Imagine a machine with a 1500 MTU network card and 2 source addresses:
  - one default v6 native 'A'
  - one additional 6to4 address 'B'
The native address can reach the internet with a max MTU of 1500.
While due to source address based routing the 6to4 address goes
through a sit ipv4 based tunnel and thus has a max MTU of 1480 (1500 -
20 bytes IPv4 header).

Imagine a remote machine with v6 address 'Z' (our default address to
reach 'Z' is 'A').
Clearly the PMTU of A->Z is 1500, while the PMTU of B->Z is 1480.
[Assume there's nothing which would cause them to be lower.]

If you do PMTU discovery of A->Z, you will indeed get 1500, and mark
that as the PMTU of A->Z.
However if you do PMTU discovery of B->Z, you will indeed get 1480,
but you will mark that as the PMTU of both B->Z and A->Z (since A is
the default to reach Z).
Suddenly the PMTU of A->Z _needlessly and incorrectly_ dropped from
1500 to 1480 merely because of PMTU discovery being performed on B->Z.

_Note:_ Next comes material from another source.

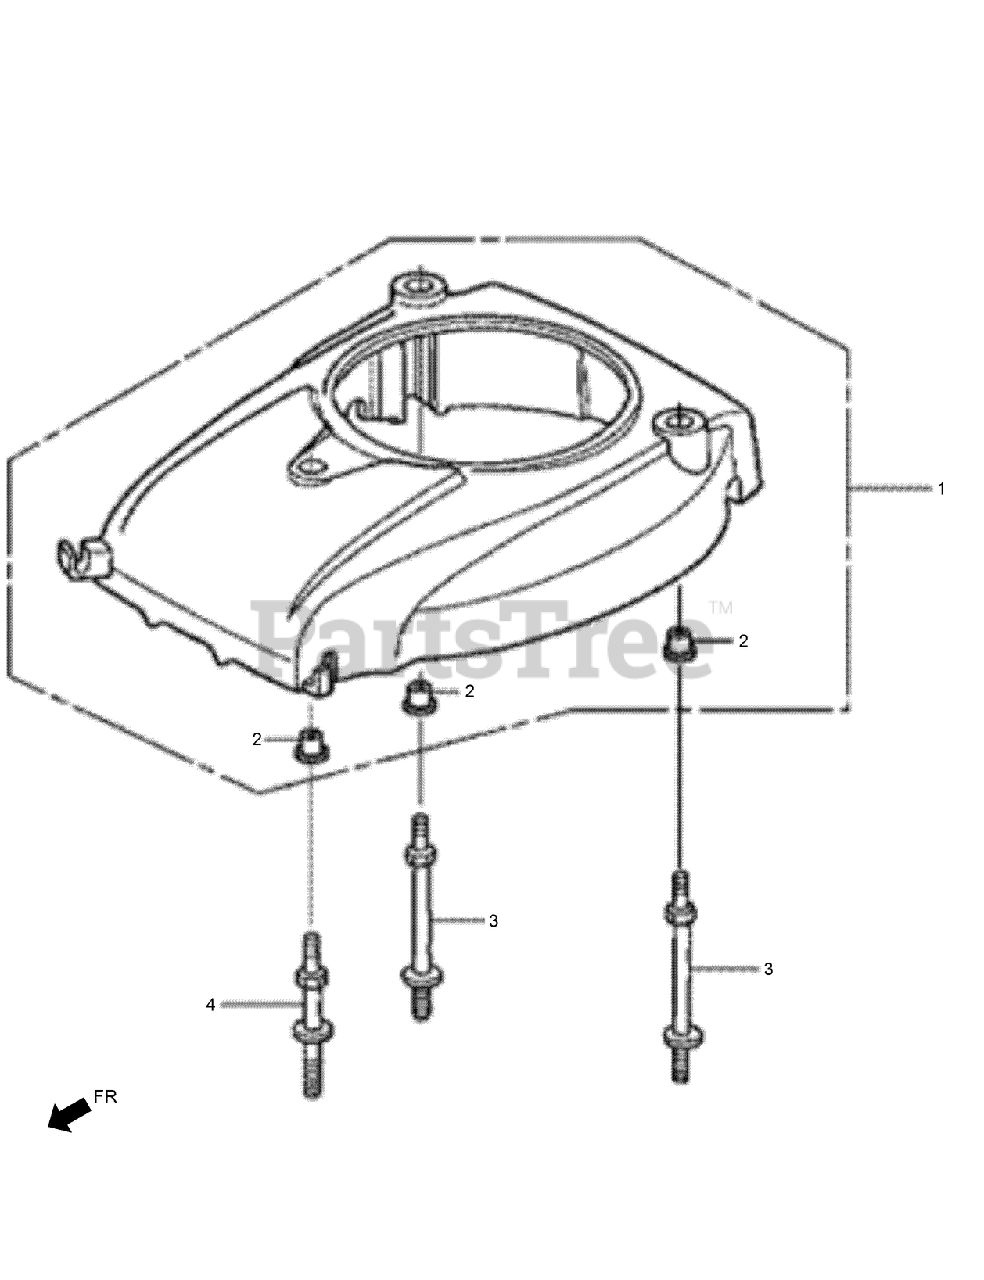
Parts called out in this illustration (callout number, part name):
1	FAN COVER ASM (NH1)
2	COLLAR-FAN COVER
3	BOLT A-STUD
4	BOLT B-STUD

And this is precisely why I think that adding those last two lines
that handle INADDR_ANY is actually more of a problem then solution
(indeed as far as I can tell, adding them doesn't actually fix any
problem - the code works just fine and performs PMTU discovery
correctly with just the first two lines).

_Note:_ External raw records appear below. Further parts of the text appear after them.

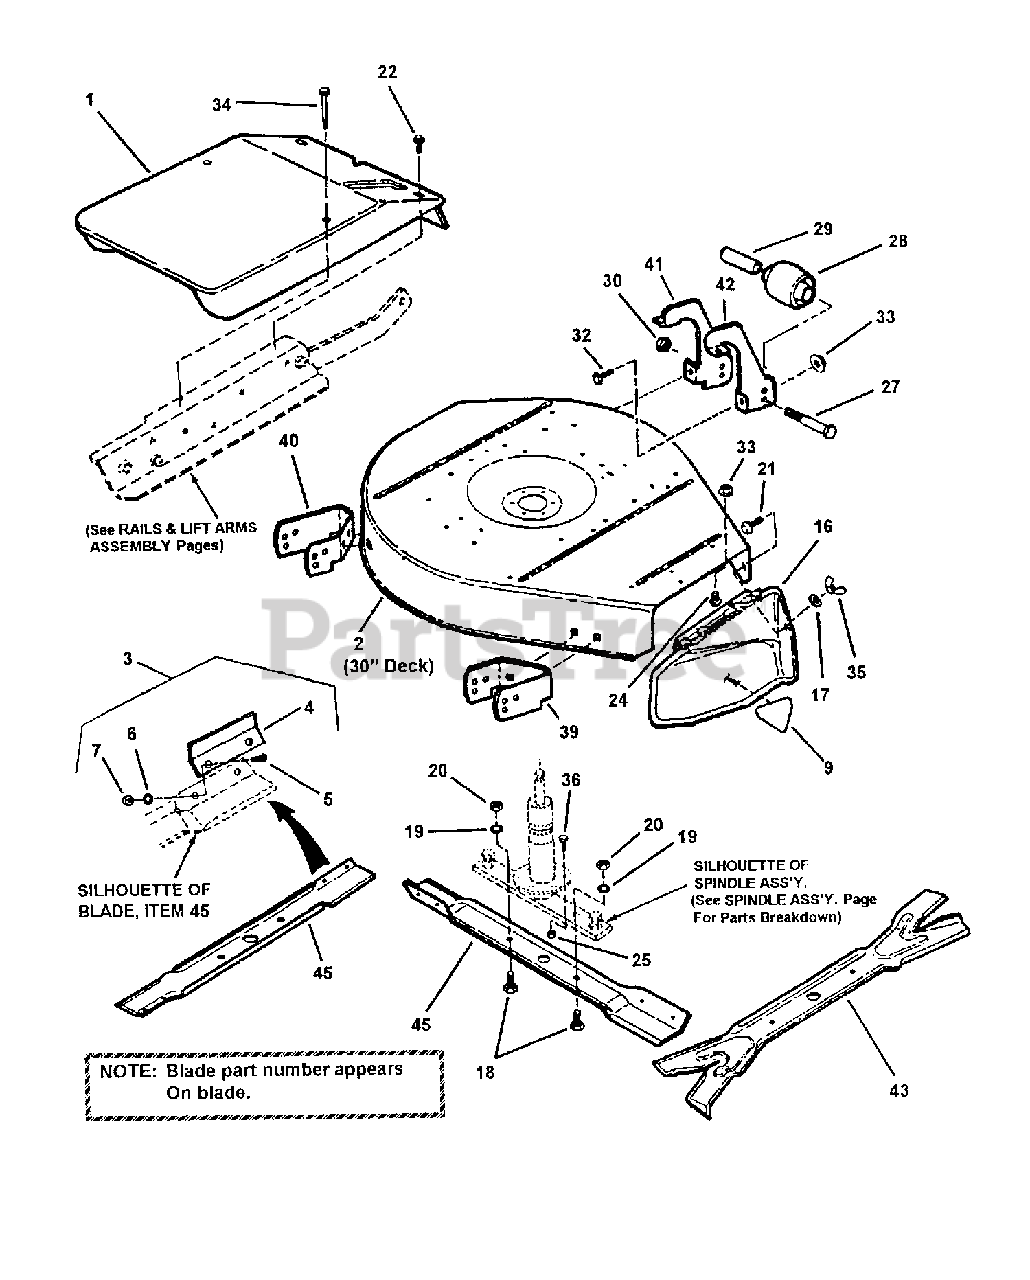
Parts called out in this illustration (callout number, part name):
1	COVER, Spindle
2	DECK, 30" (Painted w/decals)
3	KIT, Air Lift (30" Models)
5	SCREW, 5/16-24 x 11/16" Machine
6	WASHER, 5/16" Internal Tooth Lock
7	NUT, 5/16-24 Hex
9	DECAL, Danger
16	DEFLECTOR, 30" Discharge
17	WASHER, 5/16" Flat
18	SCREW, 1/2-20 x 1" Hex Head Cap, Grade 5
19	WASHER, 1/2" Internal Tooth Lock
20	NUT, 1/2-20 Hex Jam
21	BOLT, 5/16-18 x 3/4" Short Neck Carriage, Grade 5
22	SCREW, 1/4-20 x 5/8" Hex Washer Self-Tap
24	BOLT, 5/16-18 x 1/2" Hex Flange Lock
25	NUT, 3/18-16 Hex Flange Lock
27	SCREW, 3/8-24 x 3-3/4" Hex Head Cap, Grade 5
28	WHEEL, Gage
29	SPACER
30	NUT, 3/8-24 Hex Nyloc
32	BOLT, 5/16-18 x 1/2" Carriage
33	NUT, 5/16-18 Hex Flange Lock
34	SCREW, 1/4-20 Hex Washer Self-Tap
35	WING-NUT, 5/16-18
36	BOLT, 3/8-16 x 3/4" Hex Flange Lock
39	BRACKET, Anti-Scalp, 30" R.H.
40	BRACKET, Anti-Scalp, 30" L.H.
41	BRACKET, Anti-Scalp, 30" L.H.
42	BRACKET, Anti-Scalp, 30" R.H.
43	BLADE, Ninja 30"
45	30" BLADE

Thankfully ending up with a lower MTU than actually possible is only a
slight performance problem, while not doing PMTU discovery correctly
at all (current state with asymmetric routing) is a big issue.
Hence regardless of whether this patch includes INADDR_ANY or not the
end result will still be an improvement.

> And the ipv4 side is a good guide in other ways, it uses a set of two arrays so you can just loop over them, making your rt6_do_pmtu_disc() calls along the way.

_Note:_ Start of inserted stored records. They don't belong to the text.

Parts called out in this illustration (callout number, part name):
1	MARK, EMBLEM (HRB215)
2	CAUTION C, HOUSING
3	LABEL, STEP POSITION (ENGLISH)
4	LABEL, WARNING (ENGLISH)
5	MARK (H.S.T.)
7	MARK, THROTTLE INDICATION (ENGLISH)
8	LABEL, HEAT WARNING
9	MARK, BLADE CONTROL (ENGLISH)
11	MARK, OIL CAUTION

Sure, I can change it to use arrays, although I don't see any
particular improvement in performance (even if rt6_do_pmtu_disc was
inlined) or readability or anything.
--
To unsubscribe from this list: send the line "unsubscribe netdev" in
the body of a message to majordomo@vger.kernel.org
More majordomo info at  http://vger.kernel.org/majordomo-info.html

David Miller Sept. 30, 2010, 7:41 a.m. UTC | #4

From: Maciej Żenczykowski <zenczykowski@gmail.com>
Date: Tue, 28 Sep 2010 15:37:26 -0700

> * I still think that handling the saddr == NULL ie. INADDR_ANY case is
> entirely superfluous, since it doesn't actually iterate through all
> possible source addresses.  With IPv6 there can be many, many possible
> source addresses (just think of link local vs global public vs privacy
> addresses and then tack on 6to4 and mobility, etc... for example I see
> 13 ipv6 addresses on eth0 on my desktop at home, 12 of them globally
> reachable).

I only have %100 confidence in the reasoning behind why ipv4 handles
things this way, so I'll discuss this in those terms and then try
to tie it into the ipv6 side.

When we are looking up an ipv4 output route, there are 2 "source
address" objects.

1) The one specified in the "struct flowi" for the lookup
   (the flp->fl4_src passed into ip_route_output_flow) which
   is also the one that ends up in the routing cache entry's
   ->fl.fl4_src member.

2) The one contained in the routing cache entry's specification.
   Ie. rth->rt_src

These are distinct.  #1 is what is used to hash and find a matching
routing cache entry.

Since a source address of INADDR_ANY is allowed for routing lookups,
routing cache entries for the same daddr/saddr pair can exist in more
than one hash chains.

Therefore, if we didn't iterate over INADDR_ANY and the specific
address in the icmp PMTU message, we'd miss some routing cache
entries.

Look at the PMTU loops in ipv4 ip_rt_frag_needed():

	for (k = 0; k < 2; k++) {
		for (i = 0; i < 2; i++) {
			unsigned hash = rt_hash(daddr, skeys[i], ikeys[k],
						rt_genid(net));

("ANY vs. specific" ifindex and saddr are used for the hash
 computation)

				if (rth->fl.fl4_dst != daddr ||
				    rth->fl.fl4_src != skeys[i] ||
				    rth->rt_dst != daddr ||
				    rth->rt_src != iph->saddr ||
				    rth->fl.oif != ikeys[k] ||
				    rth->fl.iif != 0 ||

(and for the routing cache entry flow member comparisons)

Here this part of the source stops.